Beautiful, love the layering!  I'll bet is smells wonderful.


----------



## ohsoap (Dec 14, 2009)

nice red too!


----------



## sanjon (Dec 14, 2009)

Very Nice


----------



## Manchy (Dec 14, 2009)

i'd be proud, too


----------



## alwaysme07 (Dec 14, 2009)

That is one pretty soap!!!


----------



## honor435 (Dec 15, 2009)

pretty, very nice, love the swirls.


----------



## Bubbles Galore (Dec 16, 2009)

Beautiful.  :wink:


----------



## Psalm 23 (Dec 16, 2009)

Wowee!  That's amazing!  I do think the pepermint swirly soap is my favorite


----------



## Tabitha (Dec 16, 2009)

Pretty! I love the smell of candy cane soap when it's cold out!


----------



## Overthemoon (Dec 16, 2009)

I want to eat it. Or bathe in it. Fantastic soap!


----------



## Candybee (Dec 16, 2009)

Its beautiful! I love the swirls and layers and I love the scent of candy cane. I bet it smells absolutely yummy!


----------



## SoapingQueenWannabe (Feb 27, 2010)

*Love the Colors*

The colors for this are amazing.
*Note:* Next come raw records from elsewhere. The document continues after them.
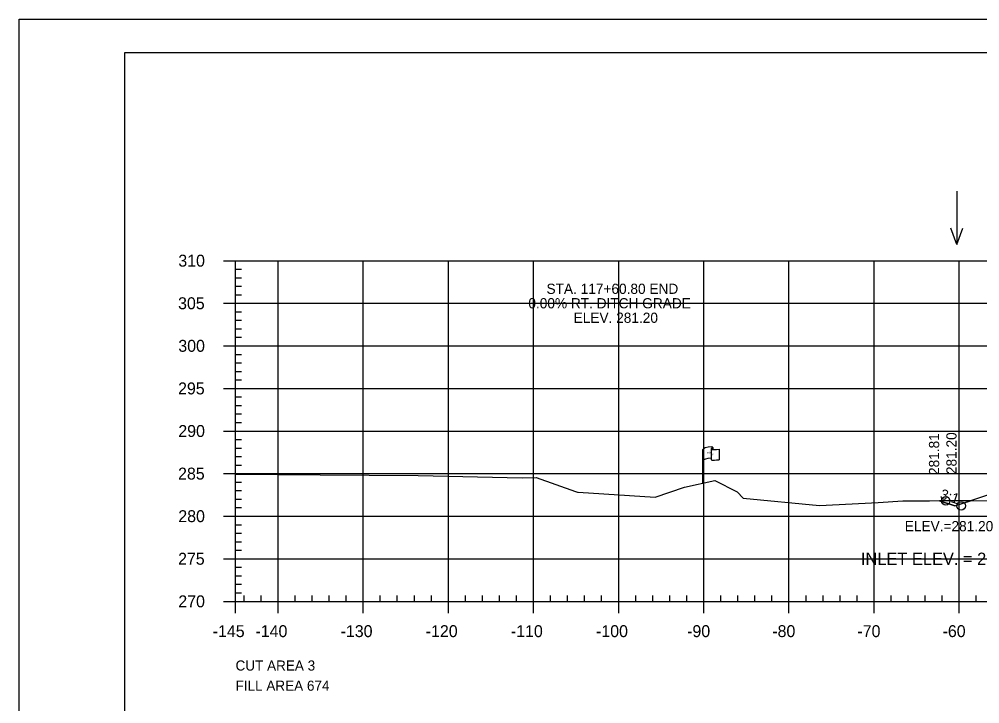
# Model space of a CAD drawing. Extents: x 1370843 to 1371177, y 380307 to 382654.
# Drawn here: x 1370843.3 to 1370956.1, y 381720.5 to 381800.8 of the extents above; entities that cross this region are included whole.
import ezdxf

# ---------------------------------------------------------------- set-up
doc = ezdxf.new("R2010")
doc.units = 0
for name, color, linetype in [('R_Axis', 7, 'Continuous'), ('R_Axis Annot', 7, 'Continuous'), ('R_Border', 7, 'Continuous'), ('R_Border Notes', 7, 'Continuous'), ('R_Exist Surface', 7, 'Continuous'), ('R_Fin Surface', 7, 'Continuous'), ('R_Fin Surface Annot', 7, 'Continuous'), ('R_Grid', 7, 'Continuous'), ('R_No Plot', 7, 'Continuous'), ('R_ROW', 7, 'Continuous'), ('R_Water Annot', 7, 'Continuous')]:
    doc.layers.add(name, color=color, linetype=linetype)

msp = doc.modelspace()

# ---------------------------------------------------------------- linework, layer by layer
at = {"layer": 'R_Axis'}
for p, q in [((1370867.31, 381772.48), (1370868.71, 381772.48)), ((1370868.71, 381732.48), (1370868.71, 381772.48)), ((1370868.71, 381771.48), (1370869.41, 381771.48)), ((1370868.71, 381770.48), (1370869.41, 381770.48)), ((1370868.71, 381769.48), (1370869.41, 381769.48)), ((1370868.71, 381768.48), (1370869.41, 381768.48)), ((1370867.31, 381767.48), (1370868.71, 381767.48)), ((1370868.71, 381766.48), (1370869.41, 381766.48)), ((1370868.71, 381765.48), (1370869.41, 381765.48)), ((1370868.71, 381764.48), (1370869.41, 381764.48)), ((1370868.71, 381763.48), (1370869.41, 381763.48)), ((1370867.31, 381762.48), (1370868.71, 381762.48)), ((1370868.71, 381761.48), (1370869.41, 381761.48)), ((1370868.71, 381760.48), (1370869.41, 381760.48)), ((1370868.71, 381759.48), (1370869.41, 381759.48)), ((1370868.71, 381758.48), (1370869.41, 381758.48)), ((1370867.31, 381757.48), (1370868.71, 381757.48)), ((1370868.71, 381756.48), (1370869.41, 381756.48)), ((1370868.71, 381755.48), (1370869.41, 381755.48)), ((1370868.71, 381754.48), (1370869.41, 381754.48)), ((1370868.71, 381753.48), (1370869.41, 381753.48)), ((1370867.31, 381752.48), (1370868.71, 381752.48)), ((1370868.71, 381751.48), (1370869.41, 381751.48)), ((1370868.71, 381750.48), (1370869.41, 381750.48)), ((1370868.71, 381749.48), (1370869.41, 381749.48)), ((1370868.71, 381748.48), (1370869.41, 381748.48)), ((1370867.31, 381747.48), (1370868.71, 381747.48)), ((1370868.71, 381746.48), (1370869.41, 381746.48)), ((1370868.71, 381745.48), (1370869.41, 381745.48)), ((1370868.71, 381744.48), (1370869.41, 381744.48)), ((1370867.31, 381742.48), (1370868.71, 381742.48)), ((1370868.71, 381743.48), (1370869.41, 381743.48)), ((1370868.71, 381741.48), (1370869.41, 381741.48)), ((1370868.71, 381740.48), (1370869.41, 381740.48)), ((1370868.71, 381739.48), (1370869.41, 381739.48)), ((1370868.71, 381738.48), (1370869.41, 381738.48)), ((1370867.31, 381737.48), (1370868.71, 381737.48)), ((1370868.71, 381736.48), (1370869.41, 381736.48)), ((1370868.71, 381735.48), (1370869.41, 381735.48)), ((1370868.71, 381734.48), (1370869.41, 381734.48)), ((1370868.71, 381733.48), (1370869.41, 381733.48)), ((1370867.31, 381732.48), (1370868.71, 381732.48)), ((1370868.71, 381732.48), (1370868.71, 381733.18)), ((1370868.71, 381732.48), (1371158.71, 381732.48)), ((1370868.71, 381731.08), (1370868.71, 381732.48)), ((1370869.71, 381732.48), (1370869.71, 381733.18)), ((1370871.71, 381732.48), (1370871.71, 381733.18)), ((1370873.71, 381731.08), (1370873.71, 381732.48)), ((1370875.71, 381732.48), (1370875.71, 381733.18)), ((1370877.71, 381732.48), (1370877.71, 381733.18)), ((1370879.71, 381732.48), (1370879.71, 381733.18)), ((1370881.71, 381732.48), (1370881.71, 381733.18)), ((1370883.71, 381731.08), (1370883.71, 381732.48)), ((1370885.71, 381732.48), (1370885.71, 381733.18)), ((1370887.71, 381732.48), (1370887.71, 381733.18)), ((1370889.71, 381732.48), (1370889.71, 381733.18)), ((1370891.71, 381732.48), (1370891.71, 381733.18)), ((1370893.71, 381731.08), (1370893.71, 381732.48)), ((1370895.71, 381732.48), (1370895.71, 381733.18)), ((1370897.71, 381732.48), (1370897.71, 381733.18)), ((1370899.71, 381732.48), (1370899.71, 381733.18)), ((1370901.71, 381732.48), (1370901.71, 381733.18)), ((1370903.71, 381731.08), (1370903.71, 381732.48)), ((1370905.71, 381732.48), (1370905.71, 381733.18)), ((1370907.71, 381732.48), (1370907.71, 381733.18)), ((1370909.71, 381732.48), (1370909.71, 381733.18)), ((1370911.71, 381732.48), (1370911.71, 381733.18)), ((1370913.71, 381731.08), (1370913.71, 381732.48)), ((1370915.71, 381732.48), (1370915.71, 381733.18)), ((1370917.71, 381732.48), (1370917.71, 381733.18)), ((1370919.71, 381732.48), (1370919.71, 381733.18)), ((1370921.71, 381732.48), (1370921.71, 381733.18)), ((1370923.71, 381731.08), (1370923.71, 381732.48)), ((1370925.71, 381732.48), (1370925.71, 381733.18)), ((1370927.71, 381732.48), (1370927.71, 381733.18)), ((1370929.71, 381732.48), (1370929.71, 381733.18)), ((1370931.71, 381732.48), (1370931.71, 381733.18)), ((1370933.71, 381731.08), (1370933.71, 381732.48)), ((1370935.71, 381732.48), (1370935.71, 381733.18)), ((1370937.71, 381732.48), (1370937.71, 381733.18)), ((1370939.71, 381732.48), (1370939.71, 381733.18)), ((1370941.71, 381732.48), (1370941.71, 381733.18)), ((1370943.71, 381731.08), (1370943.71, 381732.48)), ((1370945.71, 381732.48), (1370945.71, 381733.18)), ((1370947.71, 381732.48), (1370947.71, 381733.18)), ((1370949.71, 381732.48), (1370949.71, 381733.18)), ((1370951.71, 381732.48), (1370951.71, 381733.18)), ((1370953.71, 381731.08), (1370953.71, 381732.48)), ((1370955.71, 381732.48), (1370955.71, 381733.18))]:
    msp.add_line(p, q, dxfattribs=at)
at = {"layer": 'R_Border'}
for p, q in [((1370855.71, 381796.94), (1371171.89, 381796.94)), ((1370855.71, 381591.48), (1370855.71, 381796.94))]:
    msp.add_line(p, q, dxfattribs=at)
at = {"layer": 'R_Exist Surface'}
msp.add_lwpolyline([(1370868.71, 381747.4), (1370878.64, 381747.32), (1370890.16, 381747.27), (1370902.37, 381747), (1370904.02, 381747.02), (1370908.62, 381745.38), (1370908.88, 381745.29), (1370908.93, 381745.3), (1370908.97, 381745.3), (1370918.01, 381744.7), (1370921.43, 381745.87), (1370925, 381746.65), (1370927.61, 381745.35), (1370928.34, 381744.59), (1370937.3, 381743.75), (1370944.2, 381744.1), (1370947.1, 381744.27), (1370950.23, 381744.28), (1370965.84, 381744.31)], dxfattribs=at)
at = {"layer": 'R_Fin Surface'}
msp.add_lwpolyline([(1370951.37, 381744.28), (1370953.19, 381743.68), (1370983.56, 381753.8), (1370984.56, 381753.8), (1370990.77, 381754.69), (1371000.71, 381755.93), (1371002.71, 381756.01), (1371013.71, 381756.23), (1371024.71, 381756.01), (1371026.71, 381755.93), (1371035.2, 381754.72), (1371043.6, 381753.6), (1371043.6, 381753.6), (1371044.6, 381753.6), (1371074.22, 381743.48), (1371076.33, 381744.18)], dxfattribs=at)
at = {"layer": 'R_Grid'}
for p, q in [((1370868.71, 381772.48), (1371158.71, 381772.48)), ((1370868.71, 381732.48), (1370868.71, 381772.48)), ((1370873.71, 381732.48), (1370873.71, 381772.48)), ((1370883.71, 381732.48), (1370883.71, 381772.48)), ((1370893.71, 381732.48), (1370893.71, 381772.48)), ((1370903.71, 381732.48), (1370903.71, 381772.48)), ((1370913.71, 381732.48), (1370913.71, 381772.48)), ((1370923.71, 381732.48), (1370923.71, 381772.48)), ((1370933.71, 381732.48), (1370933.71, 381772.48)), ((1370943.71, 381732.48), (1370943.71, 381772.48)), ((1370953.71, 381732.48), (1370953.71, 381772.48)), ((1370868.71, 381767.48), (1371158.71, 381767.48)), ((1370868.71, 381762.48), (1371158.71, 381762.48)), ((1370868.71, 381757.48), (1371158.71, 381757.48)), ((1370868.71, 381752.48), (1371158.71, 381752.48)), ((1370868.71, 381747.48), (1371158.71, 381747.48)), ((1370868.71, 381742.48), (1371158.71, 381742.48)), ((1370868.71, 381737.48), (1371158.71, 381737.48)), ((1370868.71, 381732.48), (1371158.71, 381732.48))]:
    msp.add_line(p, q, dxfattribs=at)
at = {"layer": 'R_No Plot'}
for p, q in [((1370843.31, 381800.83), (1371176.64, 381800.83)), ((1370953.19, 381743.68), (1370951.37, 381744.28))]:
    msp.add_line(p, q, dxfattribs=at)
for points in [[(1370843.3, 381800.83), (1371176.64, 381800.83), (1371176.64, 381587.49), (1370843.3, 381587.49)], [(1371089.63, 381796.94), (1371089.63, 381787.06), (1371125.36, 381787.06), (1371125.36, 381784.14), (1371148.56, 381784.14), (1371148.56, 381759.8), (1371171.89, 381759.8), (1371171.89, 381591.48), (1370855.71, 381591.48), (1370855.71, 381796.94)], [(1370951.37, 381744.28), (1370953.19, 381743.68), (1370955.03, 381744.29)]]:
    msp.add_lwpolyline(points, close=True, dxfattribs=at)
msp.add_lwpolyline([(1370997.38, 381754.82), (1370990.77, 381754.69), (1370984.56, 381753.8), (1370983.56, 381753.8), (1370955.03, 381744.29), (1370965.84, 381744.31), (1370983, 381746.08), (1370984.82, 381746.41), (1370985.8, 381746.41), (1370989.19, 381747.73), (1370992.32, 381747.64), (1370993.46, 381747.64)], dxfattribs=at)
for centre in [(1370952.12, 381744.28), (1370953.94, 381743.68)]:
    msp.add_circle(centre, 0.5, dxfattribs=at)
at = {"layer": 'R_ROW'}
for p, q in [((1370924.58, 381750.39), (1370924.58, 381750.38)), ((1370924.58, 381750.38), (1370924.58, 381749.15)), ((1370924.75, 381750.55), (1370924.75, 381750.3)), ((1370925.52, 381750.35), (1370925.52, 381749.11)), ((1370923.59, 381746.34), (1370923.59, 381750.29))]:
    msp.add_line(p, q, dxfattribs=at)
for centre, radius, start, end in [((1370924.66, 381750.39), 0.078, 88.6458, 274.2828), ((1370924.67, 381750.55), 0.0783, 263.0712, 93.9564), ((1370924.66, 381749.15), 0.0783, 180, 273.9564)]:
    msp.add_arc(centre, radius, start, end, dxfattribs=at)
for centre, major_axis, ratio, start_param, end_param in [((1370925.17, 381750.34), (-1.58, -0.04), 0.19887, 5.030368, 6.283185), ((1370925.88, 381750.45), (-1.23, -0.13), 0.052933, 0.159456, 1.268315), ((1370925.16, 381749.02), (-1.58, -0.04), 0.19887, 5.083035, 6.194897), ((1370925.88, 381749.21), (-1.23, -0.13), 0.052933, 0.159456, 1.268315)]:
    msp.add_ellipse(centre, major_axis=major_axis, ratio=ratio, start_param=start_param, end_param=end_param, dxfattribs=at)
at = {"layer": 'R_Water Annot'}
for p, q in [((1370953.43, 381780.66), (1370953.43, 381774.38)), ((1370953.43, 381774.38), (1370952.73, 381776.3)), ((1370953.43, 381774.38), (1370954.13, 381776.3))]:
    msp.add_line(p, q, dxfattribs=at)

# ---------------------------------------------------------------- texts
at = {"layer": 'R_Axis Annot'}
for s, p in [('310', (1370861.99, 381771.78)), ('305', (1370861.96, 381766.78)), ('300', (1370861.99, 381761.78)), ('295', (1370861.96, 381756.78)), ('290', (1370861.99, 381751.78)), ('285', (1370861.96, 381746.78)), ('280', (1370861.99, 381741.78)), ('275', (1370861.96, 381736.78)), ('270', (1370861.99, 381731.78)), ('-145', (1370866.03, 381728.28)), ('-140', (1370871.05, 381728.28)), ('-130', (1370881.05, 381728.28)), ('-120', (1370891.05, 381728.28)), ('-110', (1370901.05, 381728.28)), ('-100', (1370911.05, 381728.28)), ('-90', (1370921.75, 381728.28)), ('-80', (1370931.75, 381728.28)), ('-70', (1370941.75, 381728.28)), ('-60', (1370951.75, 381728.28))]:
    msp.add_text(s, height=1.4, dxfattribs=at).set_placement(p)
at = {"layer": 'R_Border Notes'}
msp.add_text('281.81', height=1.2, rotation=90, dxfattribs=at).set_placement((1370951.35, 381747.31))
for s, height, p in [('CUT AREA 3', 1.187, (1370868.71, 381724.35)), ('FILL AREA 674', 1.1875, (1370868.71, 381721.98))]:
    msp.add_text(s, height=height, dxfattribs=at).set_placement(p)
at = {"layer": 'R_Fin Surface Annot'}
for s, rotation, p in [('281.20', 90, (1370953.39, 381747.42)), ('3:1', 341.5651, (1370951.36, 381744.58))]:
    msp.add_text(s, height=1.2, rotation=rotation, dxfattribs=at).set_placement(p)
at = {"layer": 'R_ROW'}
for s, height, rotation, p in [('DWB 11-9-07', 0.001, 90, (1370924.75, 381750.3)), ('R ', 0.2, 9.9884, (1370924.11, 381749.8)), (' O', 0.2, 9.9884, (1370924.25, 381749.84)), ('W', 0.2, 351.1788, (1370924.58, 381749.67)), ('DWB 11-9-07', 0.001, 5.0717, (1370925.51, 381749.11)), ('DWB 11-9-07', 0.001, 90, (1370923.59, 381746.34))]:
    msp.add_text(s, height=height, rotation=rotation, dxfattribs=at).set_placement(p)
at = {"layer": 'R_Water Annot'}
for s, height, p in [('STA. 117+60.80 END', 1.2, (1370905.23, 381768.58)), ('0.00% RT. DITCH GRADE', 1.2, (1370903.1, 381766.88)), ('ELEV. 281.20', 1.2, (1370908.42, 381765.18)), ('ELEV.=281.20', 1.2, (1370947.31, 381740.71)), ('INLET ELEV. = 281.20', 1.44, (1370942.16, 381736.76))]:
    msp.add_text(s, height=height, dxfattribs=at).set_placement(p)

doc.saveas('drawing.dxf')

I love it so much. Love it.


----------



## IanT (Feb 27, 2010)

yeahh...ummmmm...if you find teethmarks in your soap tomorrow...it could be from me .... 


....just sayin...


----------



## Psalm 23 (Feb 28, 2010)

YUMMMMMMM!  
Just wondering...how did you get such a perfect LOVELY red?


----------



## ToniD (Mar 1, 2010)

I like the layer/swirl combo.   Turned out really pretty


----------